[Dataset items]
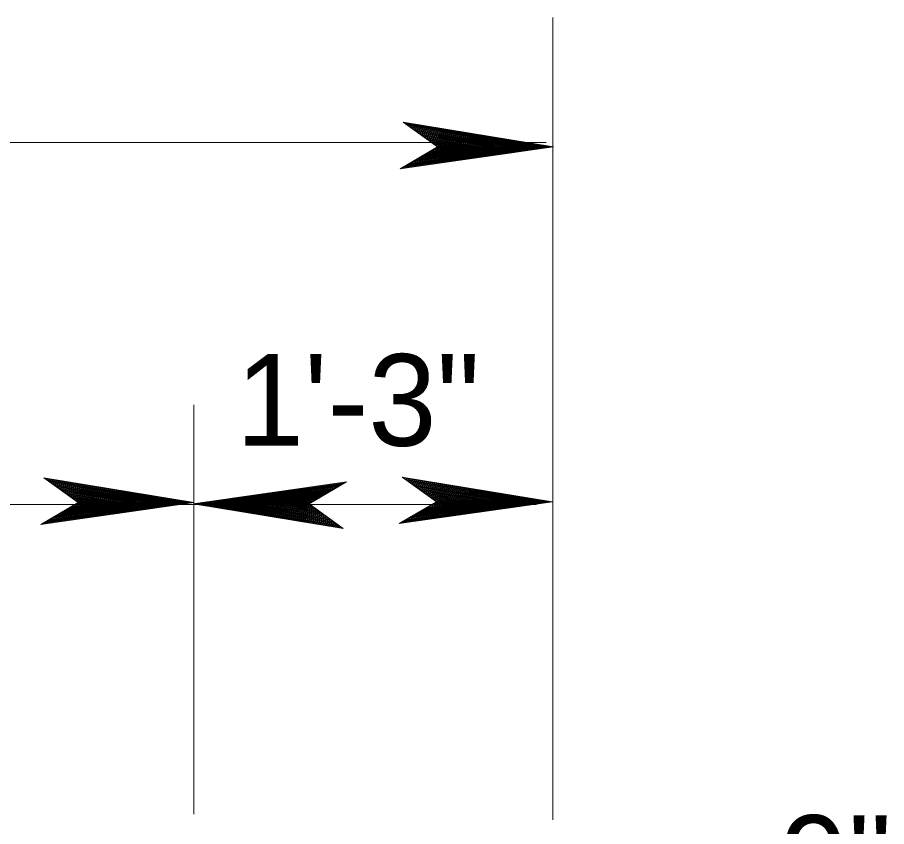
# Model space of a CAD drawing. Extents: x 144 to 252, y 360 to 425.
# Drawn here: x 178.382 to 181.492, y 402.487 to 405.383 of the extents above; entities that cross this region are included whole.
import ezdxf
from ezdxf.enums import TextEntityAlignment as Align

# ---------------------------------------------------------------- set-up
doc = ezdxf.new("R2010")
doc.units = 0
doc.header["$LTSCALE"] = 0.13
for name, color, linetype, lineweight in [('1', 7, 'Continuous', 40), ('16', 7, 'Continuous', 13), ('3', 7, 'Continuous', 13)]:
    doc.layers.add(name, color=color, linetype=linetype, lineweight=lineweight)

msp = doc.modelspace()

# ---------------------------------------------------------------- linework, layer by layer
at = {"layer": '1', "lineweight": 13}
for p, q in [((180.2978, 402.5724), (180.2978, 405.383)), ((180.2978, 402.5109), (180.2978, 402.6251))]:
    msp.add_line(p, q, dxfattribs=at)
at = {"layer": '3'}
for p, q in [((180.3001, 404.9192), (179.7624, 405.0084)), ((179.7624, 405.0084), (179.8849, 404.9193)), ((180.2857, 404.9198), (179.7657, 405.0061)), ((180.2748, 404.9198), (179.7689, 405.0037)), ((180.2604, 404.9198), (179.7732, 405.0006)), ((180.2477, 404.9198), (179.7769, 404.9979)), ((180.2363, 404.9198), (179.7802, 404.9955)), ((180.2219, 404.9198), (179.7845, 404.9923)), ((180.2092, 404.9198), (179.7883, 404.9896)), ((180.1954, 404.9198), (179.7923, 404.9867)), ((180.1816, 404.9198), (179.7964, 404.9837)), ((180.1683, 404.9198), (179.8003, 404.9808)), ((180.1544, 404.9198), (179.8044, 404.9778)), ((180.1418, 404.9198), (179.8082, 404.9752)), ((180.1304, 404.9198), (179.8116, 404.9727)), ((180.1147, 404.9198), (179.8162, 404.9693)), ((180.1009, 404.9198), (179.8202, 404.9663)), ((180.0829, 404.9203), (179.8245, 404.9632)), ((180.069, 404.9203), (179.8287, 404.9602)), ((156.2728, 404.9348), (180.2736, 404.9348)), ((180.0558, 404.9203), (179.8325, 404.9574)), ((180.0468, 404.9198), (179.8363, 404.9547)), ((180.0348, 404.9198), (179.8398, 404.9521)), ((180.0209, 404.9198), (179.8439, 404.9491)), ((180.0052, 404.9198), (179.8486, 404.9458)), ((179.9927, 404.9198), (179.8522, 404.9431)), ((179.9794, 404.9198), (179.8562, 404.9402)), ((179.9674, 404.9198), (179.8597, 404.9376)), ((179.9529, 404.9198), (179.864, 404.9346)), ((179.9391, 404.9198), (179.8682, 404.9316)), ((179.9264, 404.9198), (179.8718, 404.9288)), ((179.8849, 404.9193), (179.7513, 404.8414)), ((179.7513, 404.8414), (180.3001, 404.9192)), ((179.7573, 404.8449), (180.2857, 404.9198)), ((179.7608, 404.8469), (180.2748, 404.9198)), ((179.7654, 404.8496), (180.2604, 404.9198)), ((179.7695, 404.852), (180.2477, 404.9198)), ((179.7695, 404.852), (180.2477, 404.9198)), ((179.7732, 404.8542), (180.2363, 404.9198)), ((179.7777, 404.8568), (180.2219, 404.9198)), ((179.7818, 404.8592), (180.2092, 404.9198)), ((179.7862, 404.8617), (180.1954, 404.9198)), ((179.7907, 404.8643), (180.1816, 404.9198)), ((179.7949, 404.8668), (180.1683, 404.9198)), ((179.7994, 404.8695), (180.1544, 404.9198)), ((179.8034, 404.8717), (180.1418, 404.9198)), ((179.8072, 404.874), (180.1304, 404.9198)), ((179.8122, 404.8768), (180.1147, 404.9198)), ((179.8166, 404.8795), (180.1009, 404.9198)), ((179.8206, 404.8818), (180.0813, 404.9187)), ((179.8237, 404.8837), (180.0829, 404.9203)), ((179.8282, 404.8862), (180.069, 404.9203)), ((179.8324, 404.8887), (180.0558, 404.9203)), ((179.8339, 404.8896), (180.0468, 404.9198)), ((179.8378, 404.8918), (180.0348, 404.9198)), ((179.8423, 404.8945), (180.0209, 404.9198)), ((179.8473, 404.8973), (180.0052, 404.9198)), ((179.8513, 404.8997), (179.9927, 404.9198)), ((179.8556, 404.9022), (179.9794, 404.9198)), ((179.8594, 404.9045), (179.9674, 404.9198)), ((179.8641, 404.9072), (179.9529, 404.9198)), ((179.8685, 404.9097), (179.9391, 404.9198)), ((179.8726, 404.9121), (179.9264, 404.9198)), ((179.9132, 404.9198), (179.8757, 404.926)), ((179.8778, 404.9152), (179.9029, 404.9187)), ((179.9017, 404.9198), (179.8792, 404.9236)), ((179.8805, 404.9167), (179.9017, 404.9198)), ((179.8916, 404.9198), (179.8822, 404.9213)), ((179.8847, 404.9192), (180.3001, 404.9192)), ((179.0137, 403.4373), (179.0137, 403.9957)), ((180.2978, 403.4373), (180.2978, 403.9957)), ((179.0145, 403.6463), (178.4768, 403.7355)), ((178.4768, 403.7355), (178.5993, 403.6464)), ((179.0001, 403.6469), (178.4801, 403.7332)), ((178.9892, 403.6469), (178.4833, 403.7308)), ((178.9748, 403.6469), (178.4876, 403.7277)), ((178.9621, 403.6469), (178.4913, 403.725)), ((178.9507, 403.6469), (178.4947, 403.7226)), ((178.9363, 403.6469), (178.4989, 403.7194)), ((178.9236, 403.6469), (178.5027, 403.7167)), ((179.5593, 403.7201), (179.0106, 403.6423)), ((179.5533, 403.7166), (179.025, 403.6417)), ((179.4257, 403.6422), (179.5593, 403.7201)), ((180.2969, 403.6487), (179.7592, 403.7379)), ((179.7592, 403.7379), (179.8817, 403.6488)), ((180.2825, 403.6493), (179.7625, 403.7356)), ((180.2717, 403.6493), (179.7657, 403.7332)), ((180.2572, 403.6493), (179.77, 403.7301)), ((180.2445, 403.6493), (179.7738, 403.7274)), ((180.2332, 403.6493), (179.7771, 403.725)), ((180.2188, 403.6493), (179.7813, 403.7218)), ((180.206, 403.6493), (179.7851, 403.7191)), ((180.1923, 403.6493), (179.7892, 403.7162)), ((178.9098, 403.6469), (178.5067, 403.7138)), ((178.896, 403.6469), (178.5108, 403.7107)), ((178.8827, 403.6469), (178.5147, 403.7079)), ((178.8688, 403.6469), (178.5188, 403.7049)), ((178.8562, 403.6469), (178.5226, 403.7022)), ((178.8448, 403.6469), (178.526, 403.6997)), ((178.8292, 403.6469), (178.5306, 403.6964)), ((178.8153, 403.6469), (178.5347, 403.6934)), ((178.7973, 403.6474), (178.5389, 403.6903)), ((178.7834, 403.6474), (178.5431, 403.6873)), ((178.7703, 403.6474), (178.5469, 403.6845)), ((179.5498, 403.7146), (179.0358, 403.6417)), ((179.5452, 403.7119), (179.0503, 403.6417)), ((179.5412, 403.7095), (179.063, 403.6417)), ((179.5412, 403.7095), (179.063, 403.6417)), ((179.5375, 403.7073), (179.0743, 403.6417)), ((179.5329, 403.7047), (179.0888, 403.6417)), ((179.5288, 403.7022), (179.1015, 403.6417)), ((179.5244, 403.6997), (179.1153, 403.6417)), ((179.52, 403.6972), (179.1291, 403.6417)), ((179.5157, 403.6947), (179.1423, 403.6417)), ((179.5112, 403.692), (179.1562, 403.6417)), ((179.5072, 403.6898), (179.1688, 403.6417)), ((179.5035, 403.6875), (179.1803, 403.6417)), ((179.4985, 403.6847), (179.1959, 403.6417)), ((180.1784, 403.6493), (179.7933, 403.7132)), ((180.1652, 403.6493), (179.7972, 403.7103)), ((180.1513, 403.6493), (179.8012, 403.7073)), ((180.1387, 403.6493), (179.805, 403.7047)), ((180.1273, 403.6493), (179.8084, 403.7022)), ((180.1116, 403.6493), (179.813, 403.6988)), ((180.0977, 403.6493), (179.8171, 403.6958)), ((180.0797, 403.6498), (179.8213, 403.6927)), ((180.0658, 403.6498), (179.8255, 403.6898)), ((180.0527, 403.6498), (179.8293, 403.6869)), ((180.0436, 403.6493), (179.8331, 403.6842)), ((178.7612, 403.6469), (178.5507, 403.6817)), ((178.7492, 403.6469), (178.5542, 403.6792)), ((178.7353, 403.6469), (178.5583, 403.6762)), ((178.7197, 403.6469), (178.563, 403.6729)), ((178.7071, 403.6469), (178.5667, 403.6702)), ((178.6938, 403.6469), (178.5706, 403.6673)), ((178.6818, 403.6469), (178.5742, 403.6647)), ((178.6673, 403.6469), (178.5784, 403.6617)), ((178.6535, 403.6469), (178.5826, 403.6587)), ((178.6408, 403.6469), (178.5863, 403.6559)), ((178.6276, 403.6469), (178.5902, 403.6531)), ((179.4941, 403.682), (179.2097, 403.6417)), ((179.4869, 403.6778), (179.2277, 403.6412)), ((179.4901, 403.6798), (179.2293, 403.6427)), ((179.4825, 403.6753), (179.2417, 403.6412)), ((179.4783, 403.6728), (179.2548, 403.6412)), ((179.4767, 403.6719), (179.2639, 403.6417)), ((179.4728, 403.6697), (179.2759, 403.6417)), ((179.4684, 403.667), (179.2897, 403.6417)), ((179.4634, 403.6642), (179.3054, 403.6417)), ((179.4593, 403.6617), (179.318, 403.6417)), ((179.4551, 403.6592), (179.3312, 403.6417)), ((179.4512, 403.657), (179.3432, 403.6417)), ((179.4466, 403.6543), (179.3577, 403.6417)), ((180.0316, 403.6493), (179.8367, 403.6816)), ((180.0178, 403.6493), (179.8407, 403.6786)), ((180.0021, 403.6493), (179.8454, 403.6753)), ((179.9895, 403.6493), (179.8491, 403.6726)), ((179.9762, 403.6493), (179.853, 403.6697)), ((179.9642, 403.6493), (179.8566, 403.6671)), ((179.9497, 403.6493), (179.8608, 403.6641)), ((179.9359, 403.6493), (179.865, 403.6611)), ((179.9232, 403.6493), (179.8687, 403.6583)), ((179.91, 403.6493), (179.8726, 403.6555)), ((179.8986, 403.6493), (179.876, 403.6531)), ((156.2738, 403.6397), (178.9784, 403.6397)), ((178.5993, 403.6464), (178.4657, 403.5685)), ((178.4657, 403.5685), (179.0145, 403.6463)), ((178.4717, 403.572), (179.0001, 403.6469)), ((178.4752, 403.574), (178.9892, 403.6469)), ((178.4798, 403.5767), (178.9748, 403.6469)), ((178.4839, 403.5791), (178.9621, 403.6469)), ((178.4839, 403.5791), (178.9621, 403.6469)), ((178.4876, 403.5813), (178.9507, 403.6469)), ((178.4922, 403.5839), (178.9363, 403.6469)), ((178.4963, 403.5863), (178.9236, 403.6469)), ((178.5007, 403.5888), (178.9098, 403.6469)), ((178.5051, 403.5914), (178.896, 403.6469)), ((178.5093, 403.5939), (178.8827, 403.6469)), ((178.5138, 403.5966), (178.8688, 403.6469)), ((178.5178, 403.5988), (178.8562, 403.6469)), ((178.5216, 403.6011), (178.8448, 403.6469)), ((178.5266, 403.6039), (178.8292, 403.6469)), ((178.531, 403.6066), (178.8153, 403.6469)), ((178.535, 403.6088), (178.7957, 403.6458)), ((178.5382, 403.6107), (178.7973, 403.6474)), ((178.5426, 403.6133), (178.7834, 403.6474)), ((178.5468, 403.6158), (178.7703, 403.6474)), ((178.5483, 403.6167), (178.7612, 403.6469)), ((178.5522, 403.6189), (178.7492, 403.6469)), ((178.5567, 403.6216), (178.7353, 403.6469)), ((178.5617, 403.6244), (178.7197, 403.6469)), ((178.5657, 403.6268), (178.7071, 403.6469)), ((178.57, 403.6293), (178.6938, 403.6469)), ((178.5738, 403.6316), (178.6818, 403.6469)), ((178.5785, 403.6343), (178.6673, 403.6469)), ((178.5829, 403.6368), (178.6535, 403.6469)), ((178.587, 403.6392), (178.6408, 403.6469)), ((178.5923, 403.6422), (178.6173, 403.6458)), ((178.6162, 403.6469), (178.5936, 403.6507)), ((178.5949, 403.6438), (178.6162, 403.6469)), ((178.606, 403.6469), (178.5966, 403.6484)), ((178.5991, 403.6463), (179.0145, 403.6463)), ((180.2397, 403.6397), (178.9784, 403.6397)), ((179.0106, 403.6423), (179.5482, 403.5531)), ((179.426, 403.6423), (179.0106, 403.6423)), ((179.025, 403.6417), (179.545, 403.5554)), ((179.0358, 403.6417), (179.5418, 403.5577)), ((179.0503, 403.6417), (179.5375, 403.5609)), ((179.063, 403.6417), (179.5337, 403.5636)), ((179.0743, 403.6417), (179.5304, 403.566)), ((179.0888, 403.6417), (179.5262, 403.5692)), ((179.1015, 403.6417), (179.5224, 403.5719)), ((179.1153, 403.6417), (179.5183, 403.5748)), ((179.1291, 403.6417), (179.5143, 403.5778)), ((179.1423, 403.6417), (179.5103, 403.5807)), ((179.1562, 403.6417), (179.5062, 403.5837)), ((179.1688, 403.6417), (179.5025, 403.5863)), ((179.1803, 403.6417), (179.4991, 403.5888)), ((179.1959, 403.6417), (179.4945, 403.5922)), ((179.2097, 403.6417), (179.4904, 403.5952)), ((179.2277, 403.6412), (179.4862, 403.5983)), ((179.2417, 403.6412), (179.482, 403.6012)), ((179.2548, 403.6412), (179.4782, 403.6041)), ((179.2639, 403.6417), (179.4744, 403.6068)), ((179.2759, 403.6417), (179.4708, 403.6094)), ((179.2897, 403.6417), (179.4667, 403.6124)), ((179.3054, 403.6417), (179.4621, 403.6157)), ((179.318, 403.6417), (179.4584, 403.6184)), ((179.3312, 403.6417), (179.4545, 403.6212)), ((179.3432, 403.6417), (179.4509, 403.6239)), ((179.3577, 403.6417), (179.4467, 403.6269)), ((179.4422, 403.6517), (179.3716, 403.6417)), ((179.3716, 403.6417), (179.4425, 403.6299)), ((179.4381, 403.6494), (179.3842, 403.6417)), ((179.3842, 403.6417), (179.4388, 403.6327)), ((179.3975, 403.6417), (179.4349, 403.6355)), ((179.4328, 403.6463), (179.4077, 403.6427)), ((179.4302, 403.6447), (179.4089, 403.6417)), ((179.4089, 403.6417), (179.4315, 403.6379)), ((179.4191, 403.6417), (179.4285, 403.6402)), ((179.5482, 403.5531), (179.4257, 403.6422)), ((179.8817, 403.6488), (179.7482, 403.5709)), ((179.7482, 403.5709), (180.2969, 403.6487)), ((179.7542, 403.5744), (180.2825, 403.6493)), ((179.7577, 403.5764), (180.2717, 403.6493)), ((179.7622, 403.5791), (180.2572, 403.6493)), ((179.7663, 403.5815), (180.2445, 403.6493)), ((179.7663, 403.5815), (180.2445, 403.6493)), ((179.77, 403.5837), (180.2332, 403.6493)), ((179.7746, 403.5863), (180.2188, 403.6493)), ((179.7787, 403.5888), (180.206, 403.6493)), ((179.7831, 403.5913), (180.1923, 403.6493)), ((179.7875, 403.5938), (180.1784, 403.6493)), ((179.7918, 403.5963), (180.1652, 403.6493)), ((179.7962, 403.599), (180.1513, 403.6493)), ((179.8003, 403.6012), (180.1387, 403.6493)), ((179.804, 403.6035), (180.1273, 403.6493)), ((179.809, 403.6063), (180.1116, 403.6493)), ((179.8134, 403.609), (180.0977, 403.6493)), ((179.8174, 403.6112), (180.0782, 403.6482)), ((179.8206, 403.6132), (180.0797, 403.6498)), ((179.825, 403.6157), (180.0658, 403.6498)), ((179.8293, 403.6182), (180.0527, 403.6498)), ((179.8307, 403.6191), (180.0436, 403.6493)), ((179.8347, 403.6213), (180.0316, 403.6493)), ((179.8391, 403.624), (180.0178, 403.6493)), ((179.8441, 403.6268), (180.0021, 403.6493)), ((179.8482, 403.6293), (179.9895, 403.6493)), ((179.8524, 403.6318), (179.9762, 403.6493)), ((179.8562, 403.634), (179.9642, 403.6493)), ((179.8609, 403.6367), (179.9497, 403.6493)), ((179.8653, 403.6393), (179.9359, 403.6493)), ((179.8694, 403.6416), (179.9232, 403.6493)), ((179.8747, 403.6447), (179.8997, 403.6482)), ((179.8773, 403.6463), (179.8986, 403.6493)), ((179.8884, 403.6493), (179.879, 403.6508)), ((179.8815, 403.6487), (180.2969, 403.6487)), ((179.0137, 403.4373), (179.0137, 403.5913)), ((179.0137, 403.3788), (179.0137, 403.5417)), ((179.0137, 402.5312), (179.0137, 403.5417)), ((180.2978, 402.5231), (180.2978, 402.6251))]:
    msp.add_line(p, q, dxfattribs=at)

# ---------------------------------------------------------------- texts
at = {"layer": '16'}
msp.add_text('1\'-3"', height=0.3281, dxfattribs=at).set_placement((179.6008, 403.8496), align=Align.CENTER)
msp.add_text('9"', height=0.3281, dxfattribs=at).set_placement((181.1109, 402.1992))

doc.saveas('drawing.dxf')

### TRY IT:
Set down exactly the lines from the start of the records through the line containing "for name, color, linetype, lineweight", both included, and omit the pictures.

### WRITTEN ANSWER:
# Model space of a CAD drawing. Extents: x 144 to 252, y 360 to 425.
# Drawn here: x 178.382 to 181.492, y 402.487 to 405.383 of the extents above; entities that cross this region are included whole.
import ezdxf
from ezdxf.enums import TextEntityAlignment as Align

# ---------------------------------------------------------------- set-up
doc = ezdxf.new("R2010")
doc.units = 0
doc.header["$LTSCALE"] = 0.13
for name, color, linetype, lineweight in [('1', 7, 'Continuous', 40), ('16', 7, 'Continuous', 13), ('3', 7, 'Continuous', 13)]:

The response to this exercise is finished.